Everything else is a bit unfinished.

The bottom line is that so far it's good enough for what I use it for. I'm
still crap at the keyboard but getting better, the EVDO is fast enough but not
spectacular, the roller ball works well almost all of the time but the
horizontal sensitivity seems a bit wonky sometimes, I haven't figured out why
yet. (There's no way I'm that bad at brickbreaker so I choose to blame RIM)

Email integration is about 8/10, I push email from my gmail account and
Exchange at work to it and that workflow is very well executed. However,
reading mail on Gmail or Outlook doesn't mark the messages read on the
blackberry. It's possible I'm doing something wrong here and I'm not on a BES
but it hasn't annoyed me enough yet to really dig for a solution. Also Gmail
IMAP sync doesn't respect your filters/tags so if you get new mail it all hits
your blackberry.

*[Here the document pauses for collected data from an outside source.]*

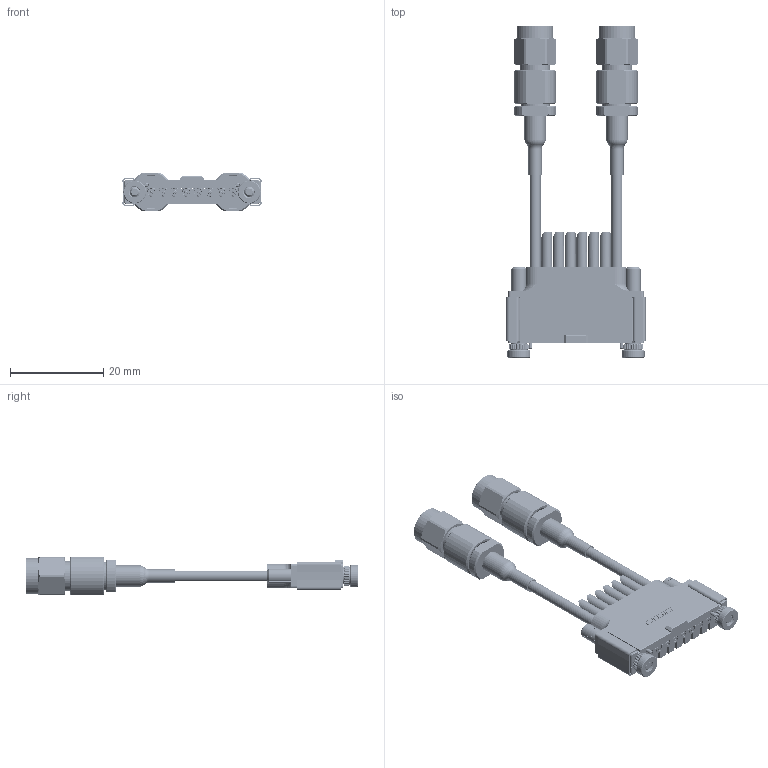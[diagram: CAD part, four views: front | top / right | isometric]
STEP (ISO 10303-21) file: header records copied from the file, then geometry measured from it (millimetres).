
FILE_DESCRIPTION (( 'STEP AP203' ), '1' );
FILE_NAME ('TM40-0157-00.STEP', '2019-12-24T02:45:50', ( '' ), ( '' ), 'SwSTEP 2.0', 'SolidWorks 2019', '' );
FILE_SCHEMA (( 'CONFIG_CONTROL_DESIGN' ));
Length unit declared in the file: inch
Products named in the file (60): TIP092; 3H24921610_CLOSED POSITION; C6696-2_RG316; C6694-1_for flex gnd; Copy of Imported11^SMA(M); TM7S-H2S-XXX-XXX_CUT; Copy of Imported10^SMA(M); C6693_CLOSED POSITION; TM7S-H2S-XXX-XXX_SMA(M); SMA(M)_默认è_; SPRING-EXT; TM40-0157-00; 1V6H2492_UFC092D_CABLE_2.92mm; M23053-4-101-0_3K69771311P; C6697-2; Copy of Imported1^SMA(M); C6695-1_FOR RG316; Copy of Imported7^SMA(M); Copy of Imported4^SMA(M); Copy of Imported3^SMA(M); C3021-103_Compress.025; C6635-2_C6635-2; C6715-XX_C6715-4; SPRING092; C3569-14_C3569-14; Copy of Imported6^SMA(M); C6698-2_"B"; SHELL092; Copy of Imported2^SMA(M); C6716-XX_C6716-4; C6625-2-092_B; Copy of Imported9^SMA(M); TM17-0007-00; Copy of Imported5^SMA(M); Copy of Imported8^SMA(M); C6339-6_C6339-6; C6628-1_for flex gnd; TM7S-SH2XS_8POS
Assembly tree (165 placements, depth 5):
  TM40-0157-00
    TM7S-SH2XS_8POS
      C6716-XX_C6716-4
      C6715-XX_C6715-4
      TM17-0007-00  x2
      C3569-14_C3569-14  x2
      C6339-6_C6339-6  x2
      C6635-2_C6635-2  x2
    TM7S-H2S-XXX-XXX_SMA(M)
      3H24921610_CLOSED POSITION
        C6693_CLOSED POSITION
          TIP092
          SHELL092
          C6625-2-092_B
          SPRING092
          SPRING-EXT
        C6694-1_for flex gnd
        C6628-1_for flex gnd
        C6695-1_FOR RG316
        C6696-2_RG316
        C6697-2
        C6698-2_"B"
        C3021-103_Compress.025
      1V6H2492_UFC092D_CABLE_2.92mm
      M23053-4-101-0_3K69771311P
      SMA(M)_默认è_
        Copy of Imported11^SMA(M)
        Copy of Imported10^SMA(M)
        Copy of Imported9^SMA(M)
        Copy of Imported8^SMA(M)
        Copy of Imported7^SMA(M)
        Copy of Imported6^SMA(M)
        Copy of Imported5^SMA(M)
        Copy of Imported4^SMA(M)
        Copy of Imported3^SMA(M)
        Copy of Imported2^SMA(M)
        Copy of Imported1^SMA(M)
    TM7S-H2S-XXX-XXX_CUT
      3H24921610_CLOSED POSITION
        C6693_CLOSED POSITION
          TIP092
          SHELL092
          C6625-2-092_B
          SPRING092
          SPRING-EXT
        C6694-1_for flex gnd
        C6628-1_for flex gnd
        C6695-1_FOR RG316
        C6696-2_RG316
        C6697-2
        C6698-2_"B"
        C3021-103_Compress.025
      1V6H2492_UFC092D_CABLE_2.92mm
    TM7S-H2S-XXX-XXX_CUT
      3H24921610_CLOSED POSITION
        C6693_CLOSED POSITION
          TIP092
          SHELL092
          C6625-2-092_B
          SPRING092
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Bounding box: 29.8 x 71.08 x 8 mm (x, y, z)
Volume: 4562.8 mm3; surface area: 18078.7 mm2
Topology: 178 solids, 178 shells, 5031 faces, 12473 edges, 7946 vertices
Faces by surface type: cylinder 2042, plane 1917, cone 692, torus 236, bspline 138, sphere 6
Entity records: 84165 total; most frequent: CARTESIAN_POINT 28877, ORIENTED_EDGE 9700, DIRECTION 9681, EDGE_CURVE 4850, AXIS2_PLACEMENT_3D 3599, VERTEX_POINT 3135, LINE 2483, VECTOR 2483

I ended up unsubscribing to a few mailing lists that I never
really read anyway because they were just too high traffic to be buzzing me
all the time.

There seems to be a bit of a compatibility issue with the Tour and the Storm,
most apps that require unrestricted TCP access don't seem to work [1]. I can't
get jmirc, midpssh etc to connect, they just die with "Invalid URL parameter."
It'll be fixed at some point I'm sure but for now there's nothing app-wise
that's useful to me. Viigo is acceptable as a podcast client but not much
else. Google Voice client is alright, doesn't integrate as well as I'd like
but it's workable. AIM works well, Flickr works well. The apps in the app
store are great if you're obsessed about a) the weather b) financial news c)
sports scores or d) playing card games, outside of that there's not much
there. Then again every "must have app" my iPhone friends show me has me
rolling my eyes so I suppose I'm just not the target market.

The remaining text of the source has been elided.